It is remarkable that no one is stepping in to profit in this way. But there is a reason why they are not doing so.
Profit of course comes with risk, even in an arbitrage. And here the risk is that you might not be able to get your gold in December.
No One Wants Counterparty Risk
In other words, if you take the arbitrage, you are turning your gold – a tangible asset – into a financial asset with counterparty risk. And no one wants to take this risk given the perilous state of government finances around the globe, reckless policies being taken by central banks, and strains in the global banking system because of nonperforming loans and the high leverage used by banks. But aside from these risks, there is another message from this backwardation.
Gold has been in backwardation in London more often that not since January 2013 when the Federal Reserve began QE3. Clearly, central banks have been intervening in the gold market in order to cap the price. The last thing they want is the gold price to rise when they are overtly debasing national currencies.
But these interventions by central planners cause distortions in the market. Backwardation is one of these distortions.

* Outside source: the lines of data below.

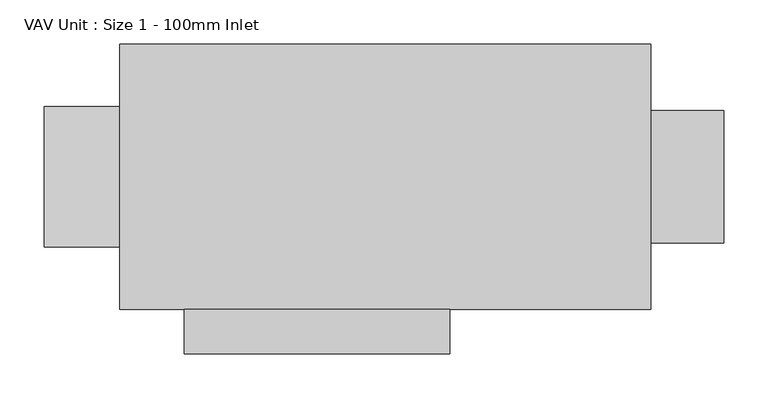
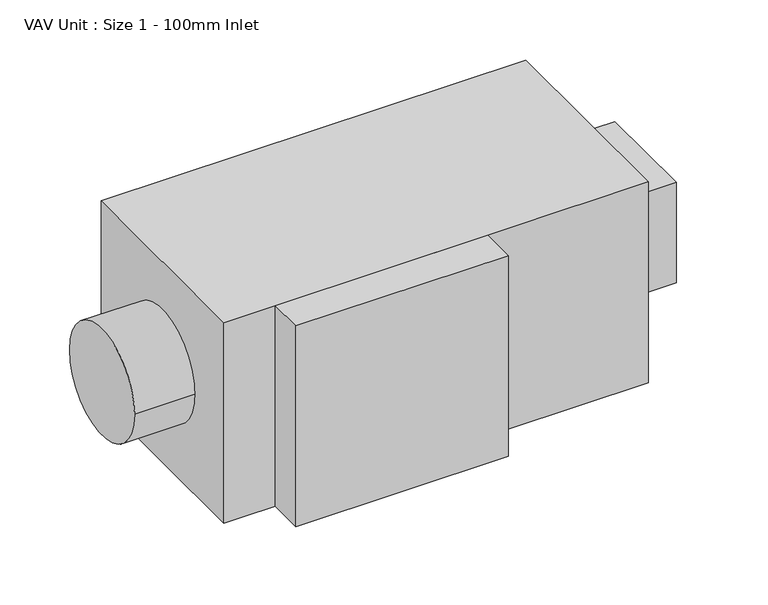
"""IFC4 building model written with IfcOpenShell, lengths in millimetres: proxy geometry, VAV Unit : Size 1 - 100mm Inlet."""

from ifc_helpers import new_model, si_unit, point, frame, origin, origin_2d, place, context, project, spatial, polyline, circle_curve, trimmed, segment, composite_curve, outline, extrude, source, transform, mapped, element, save


def vav_unit_size_1_100mm_inlet_84ca79ad(model_context):
    return source(origin(), model_context, "Body", "SweptSolid", [
        extrude(outline(polyline([(382.4821717, -75.0), (300.0, -75.0), (300.0, 75.0), (382.4821717, 75.0), (382.4821717, -75.0)])), frame((0.0, 0.0, -75.0), z_axis=(0.0, 0.0, 1.0), x_axis=(1.0, 0.0, 0.0)), (0.0, 0.0, 1.0), 150.0),
        extrude(outline(polyline([(73.0, -150.0), (73.0, -200.0), (-227.0, -200.0), (-227.0, -150.0), (73.0, -150.0)])), frame((0.0, 0.0, -150.0), z_axis=(0.0, 0.0, 1.0), x_axis=(1.0, 0.0, 0.0)), (0.0, 0.0, 1.0), 300.0),
        extrude(outline(composite_curve([segment(trimmed(circle_curve(origin_2d(), 79.5), [point((79.5, 0.0))], [point((-79.5, 0.0))], False, "CARTESIAN"), True, "CONTINUOUS"), segment(trimmed(circle_curve(origin_2d(), 79.5), [point((-79.5, 0.0))], [point((79.5, 0.0))], False, "CARTESIAN"), True, "CONTINUOUS")], self_intersect=False)), frame((-385.0, 0.0, 0.0), z_axis=(1.0, 0.0, 0.0), x_axis=(0.0, 1.0, 0.0)), (0.0, 0.0, 1.0), 85.0),
        extrude(outline(polyline([(300.0, -150.0), (-300.0, -150.0), (-300.0, 150.0), (300.0, 150.0), (300.0, -150.0)])), frame((0.0, 0.0, -150.0), z_axis=(0.0, 0.0, 1.0), x_axis=(1.0, 0.0, 0.0)), (0.0, 0.0, 1.0), 300.0),
    ])


if __name__ == "__main__":
    model = new_model("IFC4")
    model_context = context("Model", 3, world=origin())
    ifc_project = project(units=[si_unit("LENGTHUNIT", "METRE", prefix="MILLI")], contexts=[model_context])
    site = spatial("IfcSite", under=ifc_project)
    building = spatial("IfcBuilding", under=site)
    placement = place(None, origin())
    vav_unit_size_1_100mm_inlet_shape = vav_unit_size_1_100mm_inlet_84ca79ad(model_context)
    element("IfcBuildingElementProxy", 1, Name="VAV Unit : Size 1 - 100mm Inlet", ObjectType="VAV Unit : Size 1 - 100mm Inlet", at=placement, inside=building, context=model_context, shape_type="MappedRepresentation", body=[
        mapped(vav_unit_size_1_100mm_inlet_shape, transform((0.0, 0.0, 0.0), x_axis=(1.0, 0.0, 0.0), y_axis=(0.0, 1.0, 0.0), z_axis=(0.0, 0.0, 1.0))),
    ])
    save(model, "model.ifc")

# Revit data of these elements
# Type "VAV Unit : Size 1 - 100mm Inlet"
#   Type Mark = "VAV Unit"
#   COBie.Type.CreatedBy = "info@mma.ie"
#   COBie.Type.CreatedOn = "2017-07-21T10:57:54"
#   COBie.Type.Name = "VAV Unit"
#   COBie.Type.Category = "23-33 41 17 13 : Variable Air Volume Terminal Units"
#   COBie.Type.Description = "VAV Unit_Size 1 - 100mm Inlet"
#   COBie.Type.AssetType = "Fixed"
#   COBie.Type.Manufacturer = ""
#   COBie.Type.ModelNumber = ""
#   COBie.Type.ModelReference = ""
#   Classification.OmniClass.23.Number = "23-33 41 17 13"
#   Classification.OmniClass.23.Description = "Variable Air Volume Terminal Units"
#   Keynote = "23 36 16.A"
#   COBie.Type.ReplacementCost = 0
#   Width2 = 150 mm
#   Voltage = 230 V
#   UnitWidth = 600 mm
#   UnitHeight = 300 mm
#   UnitDepth = 300 mm
#   Unit Weight = 300 mm
#   Unit Lenght = 600 mm
#   Unit Height = 300 mm
#   SupplyConnectorWidth = 150 mm
#   SupplyConnectorVerticalOffset = 54 mm
#   SupplyConnectorLength = 15 mm
#   SupplyConnectorHorizontalOffset = 90 mm
#   SupplyConnectorDepth = 150 mm
#   SupplyAirConnectorCenterOffset = 165 mm
#   Static Pressure [instance default] = 0.0401865 in-wg
#   PrimaryToSupplyRatio [instance default] = 0.2
#   PrimaryAirOffset = 150 mm
#   PrimaryAirFlow [instance default] = 100.011 CFM
#   PrimaryAirConnectorVerticalOffset = 150 mm
#   PrimaryAirConnectorRadius = 79.5 mm
#   PrimaryAirConnectorLength = 85 mm
#   PrimaryAirConnectorDiameter = 159 mm
#   PrimaryAirConnectorCenterOffset = 150 mm
#   InducedAirInletWidth = 400 mm
#   InducedAirInletDepth = 350 mm
#   InducedAirConnectorHorizontalOffset = 25 mm
#   InducedAirConnectorCenterOffset = 225 mm
#   Height2 = 150 mm
#   ElectricalConnectionBoxWidth = 300 mm
#   ElectricalConnectionBoxOffset = 73 mm
#   ElectricalConnectionBoxHeight = 50 mm
#   ElectricalConnectionBoxDepth = 300 mm
#   Apparent Load = 181 VA
#   Air Flow [instance default] = 500.056 CFM
#   COBie.Type = yes
#   SupplyAirConnectorIndex = 2
#   PrimaryAirConnectorIndex = 1
#   Number of Poles = 1
#   InducedAirConnectorIndex = 3
#   VAV Material = none
#   Load Classification = Cooling
#   Default Elevation = 0
#   Assembly Code = ""
# Element 1 (IfcBuildingElementProxy, "VAV Unit : Size 1 - 100mm Inlet")
#   Static Pressure = 0.1 in-wg
#   PrimaryAirFlow = 14.8322 CFM
#   Air Flow = 74.1608 CFM

The Collapse Of The London Gold Pool
The important point, Eric, is that their intervention can only go on for so long, until their gaming of the market system blows up – just like it did when the central bank cartel called the London Gold Pool collapsed in March 1968.
From the beginning of that decade, the pool was capping the gold price at $35 per ounce. But the market kept buying all the physical gold being thrown at it by the pool because the smart money back then understood that gold was worth more than $35 per ounce.
The same thing is happening today, Eric. The market is absorbing all the physical metal the central planners can scrape out of central bank vaults because the buyers – the smart money – know that gold is worth a lot more than the price at which it has been trading, which is a completely artificial price resulting from central bank intervention.
Failure Of London Gold Pool Ignites Historic Bull Market In Gold
When the London Gold Pool failed back in 1968, it launched gold into a 12-year bull market. Gold’s next bull market will be launched when the central planners fail again, and that moment seems to be rapidly approaching.
When gold is in backwardation, it is a clear warning sign that the monetary system is in danger. And now even the Comex – which is basically just a paper market where relatively little physical metal trades – has been reporting backwardation. There is an important point to make here.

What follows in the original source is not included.